Leave out the pictures and copy each record below exactly.

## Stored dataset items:
= Beginning of Section =
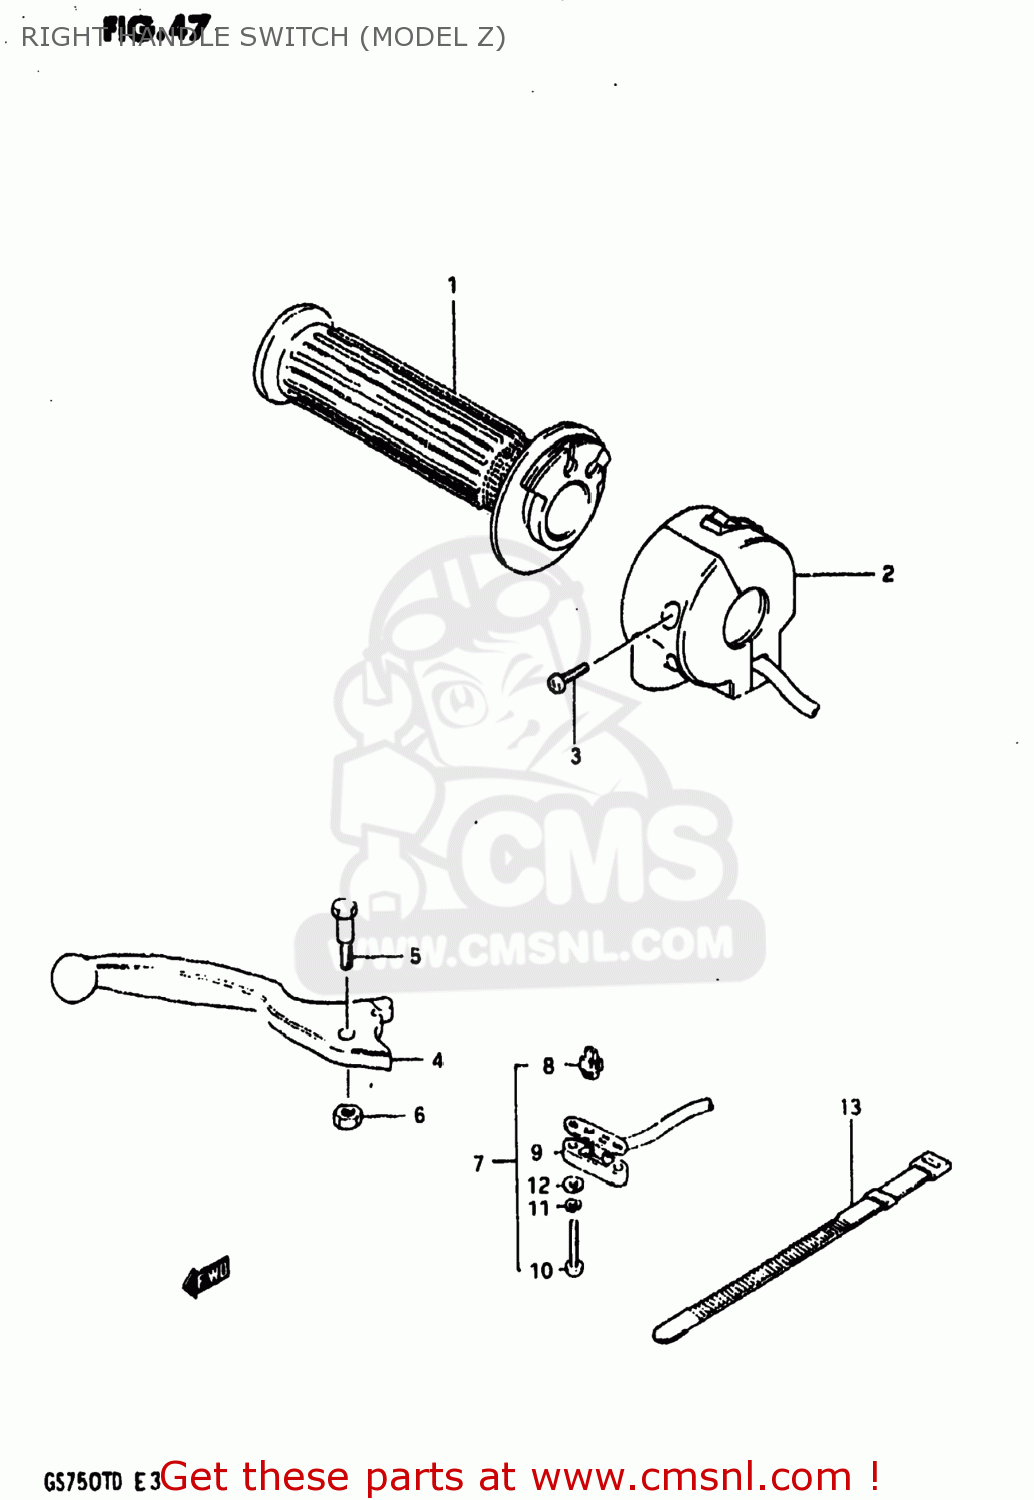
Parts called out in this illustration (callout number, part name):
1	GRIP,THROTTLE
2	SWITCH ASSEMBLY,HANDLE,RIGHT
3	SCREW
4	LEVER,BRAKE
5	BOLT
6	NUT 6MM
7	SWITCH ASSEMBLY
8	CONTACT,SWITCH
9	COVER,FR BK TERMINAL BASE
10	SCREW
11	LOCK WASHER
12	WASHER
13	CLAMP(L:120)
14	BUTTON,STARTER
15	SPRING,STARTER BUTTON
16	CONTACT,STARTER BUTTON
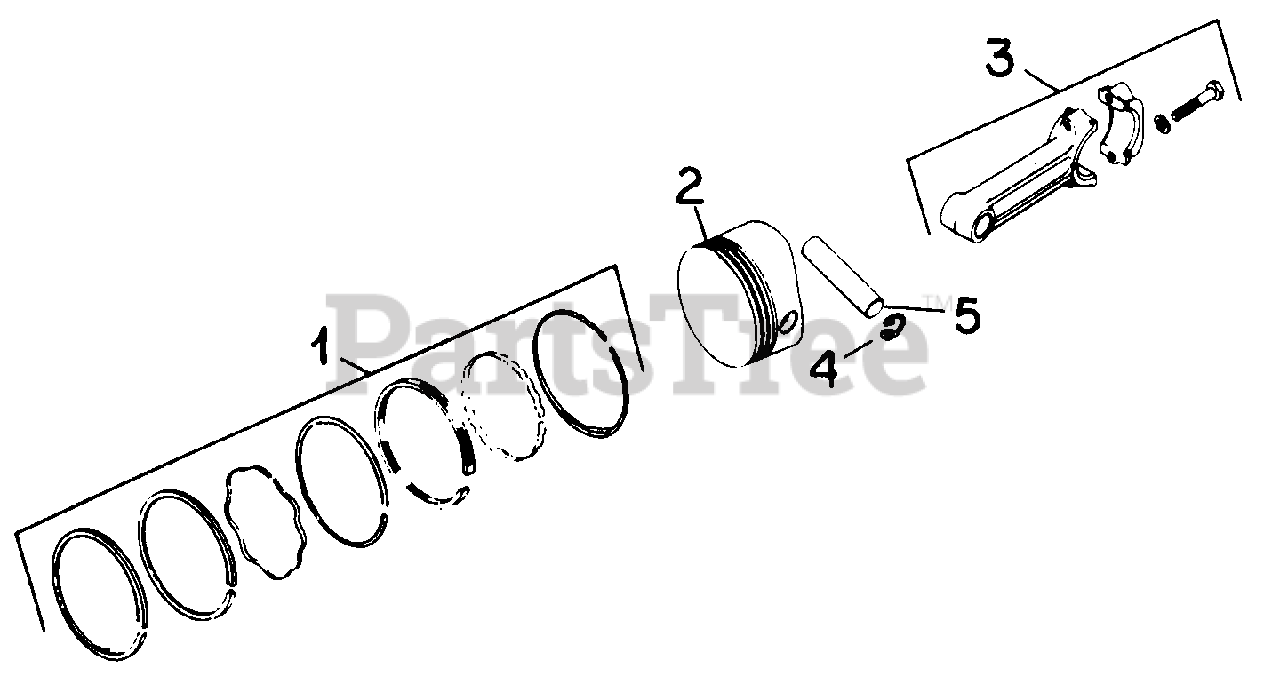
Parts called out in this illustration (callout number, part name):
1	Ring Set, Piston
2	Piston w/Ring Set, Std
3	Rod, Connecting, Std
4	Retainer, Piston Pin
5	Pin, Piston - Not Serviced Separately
= End of Section =
## Exercise answer:
Parts called out in this illustration (callout number, part name):
1	GRIP,THROTTLE
2	SWITCH ASSEMBLY,HANDLE,RIGHT
3	SCREW
4	LEVER,BRAKE
5	BOLT
6	NUT 6MM
7	SWITCH ASSEMBLY
8	CONTACT,SWITCH
9	COVER,FR BK TERMINAL BASE
10	SCREW
11	LOCK WASHER
12	WASHER
13	CLAMP(L:120)
14	BUTTON,STARTER
15	SPRING,STARTER BUTTON
16	CONTACT,STARTER BUTTON
Parts called out in this illustration (callout number, part name):
1	Ring Set, Piston
2	Piston w/Ring Set, Std
3	Rod, Connecting, Std
4	Retainer, Piston Pin
5	Pin, Piston - Not Serviced Separately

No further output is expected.